_What the exercise asks_
Output each line of the data word for word, from the first through the line that holds "for name, color, linetype", and leave off whatever follows.

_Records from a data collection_
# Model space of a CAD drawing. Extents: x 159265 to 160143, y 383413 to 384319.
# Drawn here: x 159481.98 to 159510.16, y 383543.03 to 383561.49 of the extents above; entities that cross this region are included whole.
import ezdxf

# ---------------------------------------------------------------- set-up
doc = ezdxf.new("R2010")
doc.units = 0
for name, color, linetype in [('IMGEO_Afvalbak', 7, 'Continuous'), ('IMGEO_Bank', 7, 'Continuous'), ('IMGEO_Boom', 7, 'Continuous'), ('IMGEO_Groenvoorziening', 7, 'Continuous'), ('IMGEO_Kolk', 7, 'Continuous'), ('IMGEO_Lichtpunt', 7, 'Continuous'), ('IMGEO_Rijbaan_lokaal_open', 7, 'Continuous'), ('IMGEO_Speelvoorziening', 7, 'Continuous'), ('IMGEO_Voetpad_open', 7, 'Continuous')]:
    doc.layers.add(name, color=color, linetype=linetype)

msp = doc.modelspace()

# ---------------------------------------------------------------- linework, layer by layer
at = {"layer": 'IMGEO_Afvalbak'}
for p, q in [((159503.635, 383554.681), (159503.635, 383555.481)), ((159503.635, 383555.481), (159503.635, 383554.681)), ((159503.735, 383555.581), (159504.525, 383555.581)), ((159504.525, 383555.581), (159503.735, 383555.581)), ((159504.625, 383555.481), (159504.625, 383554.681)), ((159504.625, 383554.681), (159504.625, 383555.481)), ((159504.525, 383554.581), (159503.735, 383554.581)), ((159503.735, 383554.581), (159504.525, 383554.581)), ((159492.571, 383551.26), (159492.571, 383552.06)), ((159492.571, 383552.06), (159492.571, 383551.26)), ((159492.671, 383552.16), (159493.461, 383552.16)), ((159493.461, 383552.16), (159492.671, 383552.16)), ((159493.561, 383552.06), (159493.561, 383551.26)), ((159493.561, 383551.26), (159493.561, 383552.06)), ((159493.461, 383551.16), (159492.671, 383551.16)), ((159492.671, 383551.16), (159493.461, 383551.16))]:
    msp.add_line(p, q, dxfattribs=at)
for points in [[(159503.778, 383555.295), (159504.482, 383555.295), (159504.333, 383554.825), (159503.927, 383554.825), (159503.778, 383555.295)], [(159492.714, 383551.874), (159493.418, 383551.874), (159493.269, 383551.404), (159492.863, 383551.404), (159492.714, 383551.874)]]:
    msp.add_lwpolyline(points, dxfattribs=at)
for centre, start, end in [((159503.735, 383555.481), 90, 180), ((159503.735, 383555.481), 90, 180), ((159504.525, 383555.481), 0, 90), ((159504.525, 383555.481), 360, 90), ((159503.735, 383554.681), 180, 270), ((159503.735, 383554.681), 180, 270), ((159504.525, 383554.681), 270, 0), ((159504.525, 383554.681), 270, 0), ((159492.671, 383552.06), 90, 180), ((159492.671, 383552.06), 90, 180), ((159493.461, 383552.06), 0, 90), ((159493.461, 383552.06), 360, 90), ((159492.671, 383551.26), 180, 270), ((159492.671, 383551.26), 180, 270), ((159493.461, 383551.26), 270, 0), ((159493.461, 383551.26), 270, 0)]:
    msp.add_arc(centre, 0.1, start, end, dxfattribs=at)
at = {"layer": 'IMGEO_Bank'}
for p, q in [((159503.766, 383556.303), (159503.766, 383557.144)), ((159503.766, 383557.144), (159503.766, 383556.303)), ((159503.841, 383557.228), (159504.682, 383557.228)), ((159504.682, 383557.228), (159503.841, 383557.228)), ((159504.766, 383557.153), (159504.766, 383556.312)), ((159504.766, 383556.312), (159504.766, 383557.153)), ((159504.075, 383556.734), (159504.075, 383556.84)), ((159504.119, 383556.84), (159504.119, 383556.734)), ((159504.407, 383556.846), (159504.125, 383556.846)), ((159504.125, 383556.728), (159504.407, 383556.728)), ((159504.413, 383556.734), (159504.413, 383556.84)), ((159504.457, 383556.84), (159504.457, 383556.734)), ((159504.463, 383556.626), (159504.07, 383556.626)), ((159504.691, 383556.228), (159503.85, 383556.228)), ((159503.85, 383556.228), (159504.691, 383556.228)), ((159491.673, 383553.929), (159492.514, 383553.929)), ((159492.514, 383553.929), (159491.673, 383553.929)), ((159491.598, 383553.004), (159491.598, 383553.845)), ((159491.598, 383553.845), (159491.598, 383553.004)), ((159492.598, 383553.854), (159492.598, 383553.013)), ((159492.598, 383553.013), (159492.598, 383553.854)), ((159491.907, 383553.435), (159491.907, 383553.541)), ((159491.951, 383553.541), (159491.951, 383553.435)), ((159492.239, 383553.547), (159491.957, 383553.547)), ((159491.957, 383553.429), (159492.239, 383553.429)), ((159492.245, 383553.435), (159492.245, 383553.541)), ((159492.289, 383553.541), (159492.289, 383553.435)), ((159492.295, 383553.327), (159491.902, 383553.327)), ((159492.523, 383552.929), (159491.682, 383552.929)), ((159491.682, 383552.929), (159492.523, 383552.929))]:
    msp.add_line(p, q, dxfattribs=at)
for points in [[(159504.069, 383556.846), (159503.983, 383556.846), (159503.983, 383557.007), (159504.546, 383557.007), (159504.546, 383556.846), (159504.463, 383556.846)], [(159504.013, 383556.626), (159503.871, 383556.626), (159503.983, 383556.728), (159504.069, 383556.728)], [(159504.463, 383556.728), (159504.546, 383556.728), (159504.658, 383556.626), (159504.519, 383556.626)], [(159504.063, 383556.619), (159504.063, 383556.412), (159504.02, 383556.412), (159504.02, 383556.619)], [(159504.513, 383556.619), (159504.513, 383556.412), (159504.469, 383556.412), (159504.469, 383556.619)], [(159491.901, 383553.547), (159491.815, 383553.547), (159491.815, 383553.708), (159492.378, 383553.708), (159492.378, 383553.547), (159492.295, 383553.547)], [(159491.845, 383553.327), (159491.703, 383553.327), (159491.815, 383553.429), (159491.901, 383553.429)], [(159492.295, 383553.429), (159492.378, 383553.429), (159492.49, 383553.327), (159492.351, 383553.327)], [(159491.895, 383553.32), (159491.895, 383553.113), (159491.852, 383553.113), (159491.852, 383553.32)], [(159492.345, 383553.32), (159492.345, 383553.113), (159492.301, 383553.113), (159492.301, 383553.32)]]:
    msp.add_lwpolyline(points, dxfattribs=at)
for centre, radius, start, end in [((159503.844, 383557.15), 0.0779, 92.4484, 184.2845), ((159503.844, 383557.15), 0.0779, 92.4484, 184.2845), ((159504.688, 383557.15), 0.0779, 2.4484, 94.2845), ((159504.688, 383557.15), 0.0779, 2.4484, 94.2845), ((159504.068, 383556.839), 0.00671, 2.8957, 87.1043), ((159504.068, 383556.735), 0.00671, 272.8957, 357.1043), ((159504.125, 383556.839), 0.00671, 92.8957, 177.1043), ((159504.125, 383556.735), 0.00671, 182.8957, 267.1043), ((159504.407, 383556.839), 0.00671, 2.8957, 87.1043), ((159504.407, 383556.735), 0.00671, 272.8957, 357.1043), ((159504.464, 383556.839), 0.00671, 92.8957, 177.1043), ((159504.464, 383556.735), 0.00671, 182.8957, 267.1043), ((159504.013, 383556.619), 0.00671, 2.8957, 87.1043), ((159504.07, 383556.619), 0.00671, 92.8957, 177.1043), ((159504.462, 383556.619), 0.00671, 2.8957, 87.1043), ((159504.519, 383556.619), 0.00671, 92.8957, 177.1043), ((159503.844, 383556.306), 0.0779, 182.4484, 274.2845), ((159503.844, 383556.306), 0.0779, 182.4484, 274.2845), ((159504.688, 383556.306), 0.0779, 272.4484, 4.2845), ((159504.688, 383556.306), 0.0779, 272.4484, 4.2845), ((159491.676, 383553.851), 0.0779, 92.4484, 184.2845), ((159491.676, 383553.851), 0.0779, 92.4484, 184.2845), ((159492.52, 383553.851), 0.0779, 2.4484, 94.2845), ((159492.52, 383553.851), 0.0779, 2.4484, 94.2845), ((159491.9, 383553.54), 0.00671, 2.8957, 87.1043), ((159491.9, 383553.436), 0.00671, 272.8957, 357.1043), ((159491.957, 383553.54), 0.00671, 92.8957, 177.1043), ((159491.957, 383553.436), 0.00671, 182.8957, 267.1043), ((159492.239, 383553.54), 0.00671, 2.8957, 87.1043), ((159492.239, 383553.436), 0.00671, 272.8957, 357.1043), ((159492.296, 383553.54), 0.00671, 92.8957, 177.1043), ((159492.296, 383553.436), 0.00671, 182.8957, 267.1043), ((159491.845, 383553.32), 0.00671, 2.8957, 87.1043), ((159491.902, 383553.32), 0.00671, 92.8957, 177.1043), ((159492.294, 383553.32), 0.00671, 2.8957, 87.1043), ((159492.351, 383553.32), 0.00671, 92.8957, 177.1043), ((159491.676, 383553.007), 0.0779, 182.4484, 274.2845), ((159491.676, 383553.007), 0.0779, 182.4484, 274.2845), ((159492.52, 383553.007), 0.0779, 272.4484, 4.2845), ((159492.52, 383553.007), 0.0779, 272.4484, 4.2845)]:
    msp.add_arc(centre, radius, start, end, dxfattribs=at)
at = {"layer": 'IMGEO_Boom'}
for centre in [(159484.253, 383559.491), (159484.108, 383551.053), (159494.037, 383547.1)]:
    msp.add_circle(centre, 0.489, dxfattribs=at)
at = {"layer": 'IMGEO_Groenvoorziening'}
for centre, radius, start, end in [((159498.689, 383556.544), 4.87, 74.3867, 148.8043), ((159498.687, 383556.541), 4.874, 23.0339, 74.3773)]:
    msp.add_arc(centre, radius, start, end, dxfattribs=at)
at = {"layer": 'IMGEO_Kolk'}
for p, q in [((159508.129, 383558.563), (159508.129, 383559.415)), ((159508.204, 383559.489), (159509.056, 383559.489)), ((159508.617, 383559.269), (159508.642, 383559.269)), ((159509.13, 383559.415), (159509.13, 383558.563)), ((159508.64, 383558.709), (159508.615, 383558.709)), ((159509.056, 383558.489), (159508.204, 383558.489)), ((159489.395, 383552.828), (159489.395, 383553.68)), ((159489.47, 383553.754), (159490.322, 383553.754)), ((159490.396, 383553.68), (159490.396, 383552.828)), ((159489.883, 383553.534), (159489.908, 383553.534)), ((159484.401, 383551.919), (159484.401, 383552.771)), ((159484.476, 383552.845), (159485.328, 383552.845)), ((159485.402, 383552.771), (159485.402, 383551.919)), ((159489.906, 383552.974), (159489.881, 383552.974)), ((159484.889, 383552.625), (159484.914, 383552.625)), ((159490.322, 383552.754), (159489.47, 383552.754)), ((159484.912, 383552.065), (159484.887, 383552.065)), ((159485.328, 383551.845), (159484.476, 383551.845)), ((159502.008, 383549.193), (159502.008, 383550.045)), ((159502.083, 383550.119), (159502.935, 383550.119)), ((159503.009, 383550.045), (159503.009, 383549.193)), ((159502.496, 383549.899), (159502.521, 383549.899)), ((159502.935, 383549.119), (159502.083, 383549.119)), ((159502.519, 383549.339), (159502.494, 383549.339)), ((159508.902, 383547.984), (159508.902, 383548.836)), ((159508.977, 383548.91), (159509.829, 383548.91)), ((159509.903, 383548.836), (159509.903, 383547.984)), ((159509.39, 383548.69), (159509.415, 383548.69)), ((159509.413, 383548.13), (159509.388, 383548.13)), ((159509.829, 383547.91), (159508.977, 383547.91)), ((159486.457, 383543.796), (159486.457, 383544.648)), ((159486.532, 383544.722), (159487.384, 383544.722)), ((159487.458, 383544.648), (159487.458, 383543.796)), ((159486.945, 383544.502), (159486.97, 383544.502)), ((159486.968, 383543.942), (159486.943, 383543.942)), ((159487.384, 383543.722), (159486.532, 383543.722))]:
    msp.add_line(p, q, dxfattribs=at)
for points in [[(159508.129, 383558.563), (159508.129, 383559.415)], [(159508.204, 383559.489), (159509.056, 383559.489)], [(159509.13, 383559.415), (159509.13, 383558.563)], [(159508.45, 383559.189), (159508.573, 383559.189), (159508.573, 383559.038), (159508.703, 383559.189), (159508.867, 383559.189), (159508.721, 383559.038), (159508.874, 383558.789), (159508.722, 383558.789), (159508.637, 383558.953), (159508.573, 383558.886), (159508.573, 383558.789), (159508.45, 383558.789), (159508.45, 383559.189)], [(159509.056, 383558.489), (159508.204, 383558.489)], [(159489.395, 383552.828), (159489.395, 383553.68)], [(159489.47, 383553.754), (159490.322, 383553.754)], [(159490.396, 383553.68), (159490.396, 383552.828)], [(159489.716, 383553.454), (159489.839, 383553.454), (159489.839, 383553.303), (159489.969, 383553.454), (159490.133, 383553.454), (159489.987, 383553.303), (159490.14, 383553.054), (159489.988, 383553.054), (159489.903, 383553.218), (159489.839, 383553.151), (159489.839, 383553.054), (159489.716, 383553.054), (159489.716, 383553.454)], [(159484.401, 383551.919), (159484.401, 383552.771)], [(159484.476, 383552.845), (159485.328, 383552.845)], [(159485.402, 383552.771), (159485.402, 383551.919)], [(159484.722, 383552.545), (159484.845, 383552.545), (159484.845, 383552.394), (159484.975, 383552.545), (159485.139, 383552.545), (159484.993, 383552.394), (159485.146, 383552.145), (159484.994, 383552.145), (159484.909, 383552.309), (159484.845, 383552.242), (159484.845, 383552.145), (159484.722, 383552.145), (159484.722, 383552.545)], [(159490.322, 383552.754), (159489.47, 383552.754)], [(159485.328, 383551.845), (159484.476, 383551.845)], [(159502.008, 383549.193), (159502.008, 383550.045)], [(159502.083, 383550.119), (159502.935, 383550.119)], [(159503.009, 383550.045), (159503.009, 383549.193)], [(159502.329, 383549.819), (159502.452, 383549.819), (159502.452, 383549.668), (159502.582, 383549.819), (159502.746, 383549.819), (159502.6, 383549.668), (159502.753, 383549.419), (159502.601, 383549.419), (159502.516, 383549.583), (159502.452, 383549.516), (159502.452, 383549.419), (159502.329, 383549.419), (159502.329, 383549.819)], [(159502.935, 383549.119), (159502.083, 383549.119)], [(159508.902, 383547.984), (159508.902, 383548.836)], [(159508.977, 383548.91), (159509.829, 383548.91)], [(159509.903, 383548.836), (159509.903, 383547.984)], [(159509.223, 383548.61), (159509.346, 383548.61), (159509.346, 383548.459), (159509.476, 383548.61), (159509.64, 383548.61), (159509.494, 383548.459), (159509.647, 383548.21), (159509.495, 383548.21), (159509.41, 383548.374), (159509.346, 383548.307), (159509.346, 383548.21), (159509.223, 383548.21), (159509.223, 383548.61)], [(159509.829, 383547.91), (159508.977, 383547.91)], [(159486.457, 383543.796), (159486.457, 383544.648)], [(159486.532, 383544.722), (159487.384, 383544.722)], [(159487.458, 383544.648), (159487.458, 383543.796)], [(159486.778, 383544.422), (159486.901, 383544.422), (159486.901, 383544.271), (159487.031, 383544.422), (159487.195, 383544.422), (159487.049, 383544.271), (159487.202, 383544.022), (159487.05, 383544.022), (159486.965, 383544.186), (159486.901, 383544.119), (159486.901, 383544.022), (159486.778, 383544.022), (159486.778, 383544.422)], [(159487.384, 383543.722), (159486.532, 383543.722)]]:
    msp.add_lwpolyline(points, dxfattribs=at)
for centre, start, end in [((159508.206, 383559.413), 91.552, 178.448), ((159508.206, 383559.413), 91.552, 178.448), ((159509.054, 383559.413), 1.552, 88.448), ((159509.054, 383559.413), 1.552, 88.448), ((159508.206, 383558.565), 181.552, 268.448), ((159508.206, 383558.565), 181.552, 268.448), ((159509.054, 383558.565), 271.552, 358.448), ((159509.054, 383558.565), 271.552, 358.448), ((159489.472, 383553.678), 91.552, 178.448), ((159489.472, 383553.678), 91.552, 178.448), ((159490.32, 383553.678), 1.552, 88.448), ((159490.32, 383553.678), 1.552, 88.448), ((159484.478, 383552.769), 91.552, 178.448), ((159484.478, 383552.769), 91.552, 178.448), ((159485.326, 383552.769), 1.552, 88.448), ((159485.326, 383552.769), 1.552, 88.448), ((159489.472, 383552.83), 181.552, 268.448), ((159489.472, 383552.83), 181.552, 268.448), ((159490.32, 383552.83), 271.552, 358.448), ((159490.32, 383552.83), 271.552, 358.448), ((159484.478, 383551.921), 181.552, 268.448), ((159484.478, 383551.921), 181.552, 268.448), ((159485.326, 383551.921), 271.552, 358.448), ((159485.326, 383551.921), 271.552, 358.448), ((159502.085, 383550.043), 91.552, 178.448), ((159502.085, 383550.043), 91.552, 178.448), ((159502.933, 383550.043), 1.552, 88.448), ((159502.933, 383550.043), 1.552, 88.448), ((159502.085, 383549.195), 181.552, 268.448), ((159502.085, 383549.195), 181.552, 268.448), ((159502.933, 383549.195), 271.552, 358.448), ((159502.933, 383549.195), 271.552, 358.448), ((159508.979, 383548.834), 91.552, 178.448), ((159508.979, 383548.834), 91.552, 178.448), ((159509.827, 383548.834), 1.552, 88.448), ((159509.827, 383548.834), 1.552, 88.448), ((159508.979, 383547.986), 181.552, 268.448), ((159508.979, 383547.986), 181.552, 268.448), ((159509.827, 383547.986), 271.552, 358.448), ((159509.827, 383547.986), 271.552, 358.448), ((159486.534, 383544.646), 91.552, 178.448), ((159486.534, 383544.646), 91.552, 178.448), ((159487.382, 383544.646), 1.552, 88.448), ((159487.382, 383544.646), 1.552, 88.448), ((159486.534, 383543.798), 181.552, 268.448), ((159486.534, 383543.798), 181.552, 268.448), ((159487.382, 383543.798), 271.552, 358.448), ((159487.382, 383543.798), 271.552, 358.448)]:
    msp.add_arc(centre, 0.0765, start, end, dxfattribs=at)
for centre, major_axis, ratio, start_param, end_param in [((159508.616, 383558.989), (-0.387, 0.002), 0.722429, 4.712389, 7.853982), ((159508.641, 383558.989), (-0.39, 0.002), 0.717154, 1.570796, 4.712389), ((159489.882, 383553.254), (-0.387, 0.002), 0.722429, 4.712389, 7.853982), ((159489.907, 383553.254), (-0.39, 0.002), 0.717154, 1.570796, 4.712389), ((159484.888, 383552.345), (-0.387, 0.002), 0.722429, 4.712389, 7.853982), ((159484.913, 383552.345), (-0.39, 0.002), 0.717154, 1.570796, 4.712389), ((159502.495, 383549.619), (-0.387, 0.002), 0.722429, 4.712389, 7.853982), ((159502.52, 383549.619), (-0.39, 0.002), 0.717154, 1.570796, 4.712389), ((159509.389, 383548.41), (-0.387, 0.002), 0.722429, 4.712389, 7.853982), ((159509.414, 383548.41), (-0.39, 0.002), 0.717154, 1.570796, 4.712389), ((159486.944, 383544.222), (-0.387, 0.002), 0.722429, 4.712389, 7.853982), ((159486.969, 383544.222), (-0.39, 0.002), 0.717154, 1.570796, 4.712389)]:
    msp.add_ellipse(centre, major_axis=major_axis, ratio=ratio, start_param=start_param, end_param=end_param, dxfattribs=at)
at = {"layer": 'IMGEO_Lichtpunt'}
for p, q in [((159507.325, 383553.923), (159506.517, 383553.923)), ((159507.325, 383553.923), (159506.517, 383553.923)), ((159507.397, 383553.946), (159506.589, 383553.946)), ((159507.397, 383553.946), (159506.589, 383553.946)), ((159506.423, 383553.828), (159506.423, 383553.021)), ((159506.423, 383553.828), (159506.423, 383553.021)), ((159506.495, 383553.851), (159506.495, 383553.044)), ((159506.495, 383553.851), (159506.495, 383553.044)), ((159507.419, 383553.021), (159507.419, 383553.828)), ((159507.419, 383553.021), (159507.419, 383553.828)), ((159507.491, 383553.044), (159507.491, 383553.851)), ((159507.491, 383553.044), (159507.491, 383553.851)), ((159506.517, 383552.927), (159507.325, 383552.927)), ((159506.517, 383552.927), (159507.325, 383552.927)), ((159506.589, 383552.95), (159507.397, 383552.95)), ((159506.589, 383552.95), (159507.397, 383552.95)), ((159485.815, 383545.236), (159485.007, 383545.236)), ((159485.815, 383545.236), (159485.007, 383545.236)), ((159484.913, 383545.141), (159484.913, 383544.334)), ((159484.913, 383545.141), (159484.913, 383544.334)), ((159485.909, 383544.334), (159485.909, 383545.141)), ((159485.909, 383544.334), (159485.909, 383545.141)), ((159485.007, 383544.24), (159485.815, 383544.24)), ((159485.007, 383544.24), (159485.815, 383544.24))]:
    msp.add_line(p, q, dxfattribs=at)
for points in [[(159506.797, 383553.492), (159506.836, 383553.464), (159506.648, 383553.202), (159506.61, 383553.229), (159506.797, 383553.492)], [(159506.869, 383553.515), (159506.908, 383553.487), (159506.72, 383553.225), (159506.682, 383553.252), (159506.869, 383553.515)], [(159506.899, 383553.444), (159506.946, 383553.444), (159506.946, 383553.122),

_The answer_
# Model space of a CAD drawing. Extents: x 159265 to 160143, y 383413 to 384319.
# Drawn here: x 159481.98 to 159510.16, y 383543.03 to 383561.49 of the extents above; entities that cross this region are included whole.
import ezdxf

# ---------------------------------------------------------------- set-up
doc = ezdxf.new("R2010")
doc.units = 0
for name, color, linetype in [('IMGEO_Afvalbak', 7, 'Continuous'), ('IMGEO_Bank', 7, 'Continuous'), ('IMGEO_Boom', 7, 'Continuous'), ('IMGEO_Groenvoorziening', 7, 'Continuous'), ('IMGEO_Kolk', 7, 'Continuous'), ('IMGEO_Lichtpunt', 7, 'Continuous'), ('IMGEO_Rijbaan_lokaal_open', 7, 'Continuous'), ('IMGEO_Speelvoorziening', 7, 'Continuous'), ('IMGEO_Voetpad_open', 7, 'Continuous')]:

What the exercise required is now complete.